| Data items |
□ □ □ □
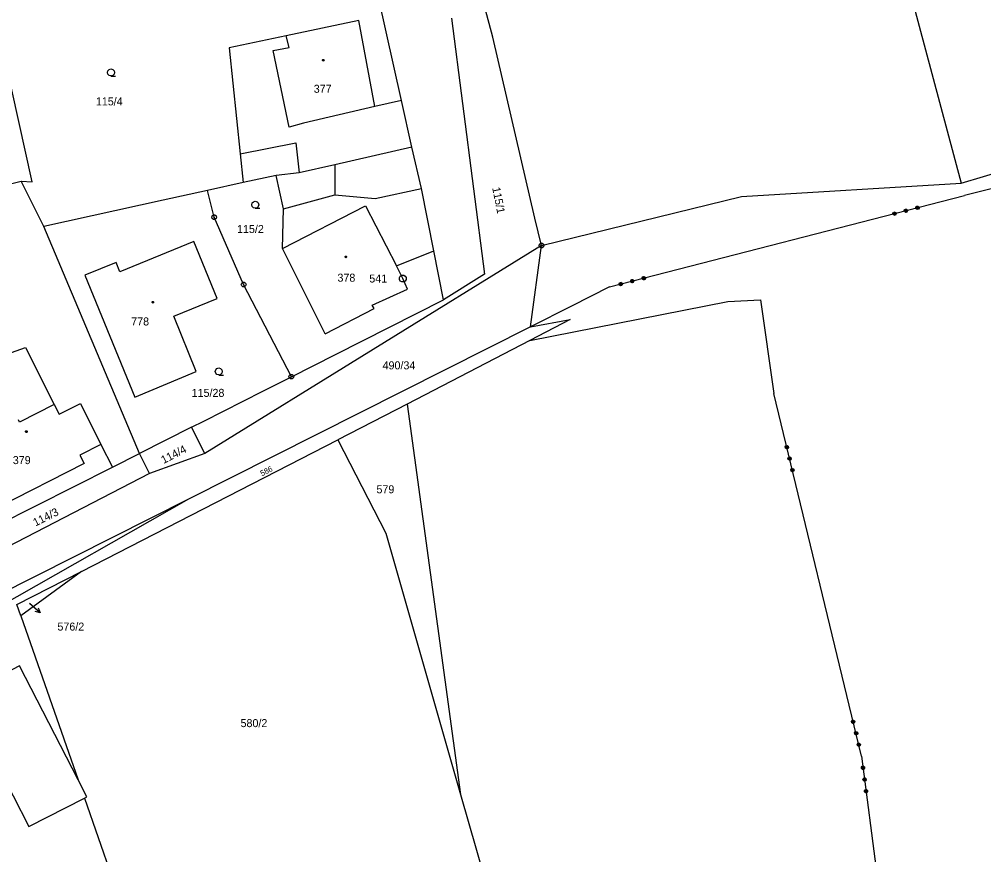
# Model space of a CAD drawing. Extents: x -757994 to -755874, y -1047691 to -1046119.
# Drawn here: x -756280.1 to -756177.7, y -1047176 to -1047087.3 of the extents above; entities that cross this region are included whole.
import ezdxf

# ---------------------------------------------------------------- set-up
doc = ezdxf.new("R2010")
doc.units = 0
doc.layers.add('katastrální mapa', color=7, linetype='Continuous')

msp = doc.modelspace()

# ---------------------------------------------------------------- linework, layer by layer
at = {"layer": 'katastrální mapa'}
for p, q in [((-756202.67, -1047020.16), (-756180.08, -1047104.67)), ((-756229.82, -1047089.16), (-756245.58, -1047029.33)), ((-756239.5, -1047095.88), (-756244.24, -1047074.68)), ((-756244.03, -1047087.38), (-756251.76, -1047089.01)), ((-756242.32, -1047096.54), (-756244.03, -1047087.38)), ((-756234.19, -1047087.15), (-756230.7, -1047114.34)), ((-756251.76, -1047089.01), (-756257.81, -1047090.29)), ((-756251.43, -1047090.26), (-756251.76, -1047089.01)), ((-756225.35, -1047108.38), (-756229.82, -1047089.16)), ((-756257.81, -1047090.29), (-756256.63, -1047101.55)), ((-756253.12, -1047090.57), (-756251.43, -1047090.26)), ((-756251.43, -1047098.73), (-756253.12, -1047090.57)), ((-756278.73, -1047104.51), (-756281.54, -1047091.72)), ((-756239.5, -1047095.88), (-756242.32, -1047096.54)), ((-756238.39, -1047100.85), (-756239.5, -1047095.88)), ((-756138.8, -1047095.47), (-756179.72, -1047105.99)), ((-756242.32, -1047096.54), (-756249.89, -1047098.3)), ((-756249.89, -1047098.3), (-756251.43, -1047098.73)), ((-756180.08, -1047104.67), (-756164.01, -1047099.84)), ((-756256.63, -1047101.55), (-756250.71, -1047100.39)), ((-756250.71, -1047100.39), (-756250.36, -1047103.57)), ((-756238.39, -1047100.85), (-756246.58, -1047102.71)), ((-756237.39, -1047105.24), (-756238.39, -1047100.85)), ((-756256.63, -1047101.55), (-756256.31, -1047104.6)), ((-756246.58, -1047102.71), (-756250.36, -1047103.57)), ((-756246.58, -1047102.71), (-756246.58, -1047105.91)), ((-756252.81, -1047103.86), (-756256.31, -1047104.6)), ((-756250.36, -1047103.57), (-756252.81, -1047103.86)), ((-756252.02, -1047107.4), (-756252.81, -1047103.86)), ((-756299.69, -1047109.45), (-756279.89, -1047104.44)), ((-756277.49, -1047109.26), (-756279.89, -1047104.44)), ((-756279.89, -1047104.44), (-756278.73, -1047104.51)), ((-756256.31, -1047104.6), (-756260.11, -1047105.44)), ((-756203.42, -1047106.09), (-756180.08, -1047104.67)), ((-756260.11, -1047105.44), (-756264.79, -1047106.48)), ((-756259.39, -1047108.28), (-756260.11, -1047105.44)), ((-756252.02, -1047107.4), (-756246.58, -1047105.91)), ((-756246.58, -1047105.91), (-756242.31, -1047106.31)), ((-756242.31, -1047106.31), (-756237.39, -1047105.24)), ((-756236.07, -1047111.85), (-756237.39, -1047105.24)), ((-756224.63, -1047111.29), (-756203.42, -1047106.09)), ((-756217.42, -1047115.69), (-756179.72, -1047105.99)), ((-756264.79, -1047106.48), (-756277.49, -1047109.26)), ((-756252.14, -1047111.6), (-756243.33, -1047107.08)), ((-756243.33, -1047107.08), (-756240.05, -1047113.44)), ((-756252.14, -1047111.6), (-756252.02, -1047107.4)), ((-756259.45, -1047108.28), (-756259.33, -1047108.28)), ((-756256.26, -1047115.43), (-756259.39, -1047108.28)), ((-756224.63, -1047111.29), (-756225.35, -1047108.38)), ((-756267.31, -1047133.39), (-756277.49, -1047109.26)), ((-756261.54, -1047110.86), (-756269.39, -1047114.08)), ((-756259.07, -1047116.91), (-756261.54, -1047110.86)), ((-756224.63, -1047111.29), (-756260.38, -1047133.36)), ((-756225.81, -1047119.92), (-756224.63, -1047111.29)), ((-756224.69, -1047111.29), (-756224.57, -1047111.29)), ((-756247.62, -1047120.65), (-756252.14, -1047111.6)), ((-756240.05, -1047113.44), (-756236.07, -1047111.85)), ((-756235.03, -1047117.04), (-756236.07, -1047111.85)), ((-756269.8, -1047113.09), (-756273.13, -1047114.45)), ((-756269.39, -1047114.08), (-756269.8, -1047113.09)), ((-756239.36, -1047114.79), (-756240.05, -1047113.44)), ((-756230.7, -1047114.34), (-756235.03, -1047117.04)), ((-756273.13, -1047114.45), (-756267.82, -1047127.4)), ((-756239.39, -1047114.79), (-756239.34, -1047114.79)), ((-756238.85, -1047115.93), (-756239.36, -1047114.79)), ((-756256.32, -1047115.43), (-756256.2, -1047115.43)), ((-756251.19, -1047125.22), (-756256.26, -1047115.43)), ((-756242.62, -1047117.63), (-756238.85, -1047115.93)), ((-756217.42, -1047115.69), (-756221.46, -1047117.73)), ((-756263.69, -1047118.8), (-756259.07, -1047116.91)), ((-756246.52, -1047122.86), (-756235.03, -1047117.04)), ((-756225.89, -1047121.38), (-756204.84, -1047117.23)), ((-756204.84, -1047117.23), (-756201.37, -1047117.05)), ((-756201.37, -1047117.05), (-756199.97, -1047126.99)), ((-756247.62, -1047120.65), (-756242.42, -1047117.96)), ((-756242.42, -1047117.96), (-756242.62, -1047117.63)), ((-756221.46, -1047117.73), (-756225.81, -1047119.92)), ((-756261.31, -1047124.68), (-756263.69, -1047118.8)), ((-756221.58, -1047119.13), (-756225.89, -1047121.38)), ((-756225.81, -1047119.92), (-756221.58, -1047119.13)), ((-756225.81, -1047119.92), (-756262.12, -1047138.23)), ((-756225.89, -1047121.38), (-756238.89, -1047128.15)), ((-756284.47, -1047123.91), (-756279.43, -1047122.12)), ((-756279.43, -1047122.12), (-756276.37, -1047128.16)), ((-756251.19, -1047125.22), (-756246.52, -1047122.86)), ((-756267.82, -1047127.4), (-756261.31, -1047124.68)), ((-756254.21, -1047126.75), (-756251.19, -1047125.22)), ((-756251.25, -1047125.22), (-756251.13, -1047125.22)), ((-756260.49, -1047129.94), (-756254.21, -1047126.75)), ((-756190.66, -1047165.51), (-756199.97, -1047126.99)), ((-756276.37, -1047128.16), (-756280.06, -1047130.03)), ((-756276.37, -1047128.16), (-756275.84, -1047129.21)), ((-756275.84, -1047129.21), (-756273.59, -1047128.08)), ((-756273.59, -1047128.08), (-756271.41, -1047132.41)), ((-756238.89, -1047128.15), (-756246.27, -1047131.93)), ((-756238.89, -1047128.15), (-756233.22, -1047169.59)), ((-756280.06, -1047130.03), (-756280.18, -1047129.8)), ((-756261.78, -1047130.59), (-756267.31, -1047133.39)), ((-756261.78, -1047130.59), (-756260.49, -1047129.94)), ((-756260.38, -1047133.36), (-756261.78, -1047130.59)), ((-756271.41, -1047132.41), (-756273.65, -1047133.55)), ((-756273.49, -1047145.89), (-756246.27, -1047131.93)), ((-756271.41, -1047132.41), (-756270.19, -1047134.84)), ((-756246.27, -1047131.93), (-756241.17, -1047141.84)), ((-756273.65, -1047133.55), (-756273.2, -1047134.44)), ((-756270.19, -1047134.84), (-756267.31, -1047133.39)), ((-756266.24, -1047135.5), (-756267.31, -1047133.39)), ((-756260.38, -1047133.36), (-756266.24, -1047135.5)), ((-756285.22, -1047142.39), (-756270.19, -1047134.84)), ((-756273.2, -1047134.44), (-756282.4, -1047139.1)), ((-756266.24, -1047135.5), (-756284.32, -1047144.85)), ((-756262.12, -1047138.23), (-756286.93, -1047150.74)), ((-756262.12, -1047138.23), (-756282.45, -1047149.77)), ((-756241.17, -1047141.84), (-756233.22, -1047169.59)), ((-756280.35, -1047149.41), (-756273.49, -1047145.89)), ((-756273.49, -1047145.89), (-756279.93, -1047150.62)), ((-756279.93, -1047150.62), (-756280.35, -1047149.41)), ((-756277.87, -1047150.28), (-756279.01, -1047149.31)), ((-756279.93, -1047150.62), (-756273.84, -1047168.02)), ((-756280.05, -1047155.93), (-756284.43, -1047158.17)), ((-756273.84, -1047168.02), (-756280.05, -1047155.93)), ((-756283.16, -1047165.02), (-756279.06, -1047173)), ((-756190.66, -1047165.51), (-756181.38, -1047237.16)), ((-756272.91, -1047169.83), (-756273.84, -1047168.02)), ((-756233.22, -1047169.59), (-756230.54, -1047178.96)), ((-756279.06, -1047173), (-756273.16, -1047169.96)), ((-756273.16, -1047169.96), (-756272.91, -1047169.83)), ((-756273.16, -1047169.96), (-756267.97, -1047184.79))]:
    msp.add_line(p, q, dxfattribs=at)
for points in [[(-756247.8, -1047091.52), (-756247.75, -1047091.53), (-756247.73, -1047091.58), (-756247.72, -1047091.61), (-756247.73, -1047091.66), (-756247.77, -1047091.69), (-756247.8, -1047091.7), (-756247.85, -1047091.68), (-756247.88, -1047091.65), (-756247.89, -1047091.61), (-756247.88, -1047091.57), (-756247.84, -1047091.53)], [(-756259.32, -1047108.04), (-756259.19, -1047108.13), (-756259.14, -1047108.28), (-756259.19, -1047108.42), (-756259.32, -1047108.51), (-756259.47, -1047108.51), (-756259.6, -1047108.42), (-756259.65, -1047108.28), (-756259.6, -1047108.13), (-756259.47, -1047108.04)], [(-756224.55, -1047111.05), (-756224.43, -1047111.14), (-756224.38, -1047111.29), (-756224.43, -1047111.43), (-756224.55, -1047111.52), (-756224.71, -1047111.52), (-756224.84, -1047111.43), (-756224.89, -1047111.29), (-756224.84, -1047111.14), (-756224.71, -1047111.05)], [(-756245.4, -1047112.41), (-756245.35, -1047112.42), (-756245.33, -1047112.46), (-756245.32, -1047112.49), (-756245.33, -1047112.53), (-756245.36, -1047112.57), (-756245.4, -1047112.58), (-756245.45, -1047112.56), (-756245.48, -1047112.53), (-756245.49, -1047112.49), (-756245.48, -1047112.45), (-756245.44, -1047112.41)], [(-756256.19, -1047115.19), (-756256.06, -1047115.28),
□ □ □ □
| BRIEF |
Show each line of the records above containing "mapa".

| ANSWER TO THE PROBLEM |
doc.layers.add('katastrální mapa', color=7, linetype='Continuous')
at = {"layer": 'katastrální mapa'}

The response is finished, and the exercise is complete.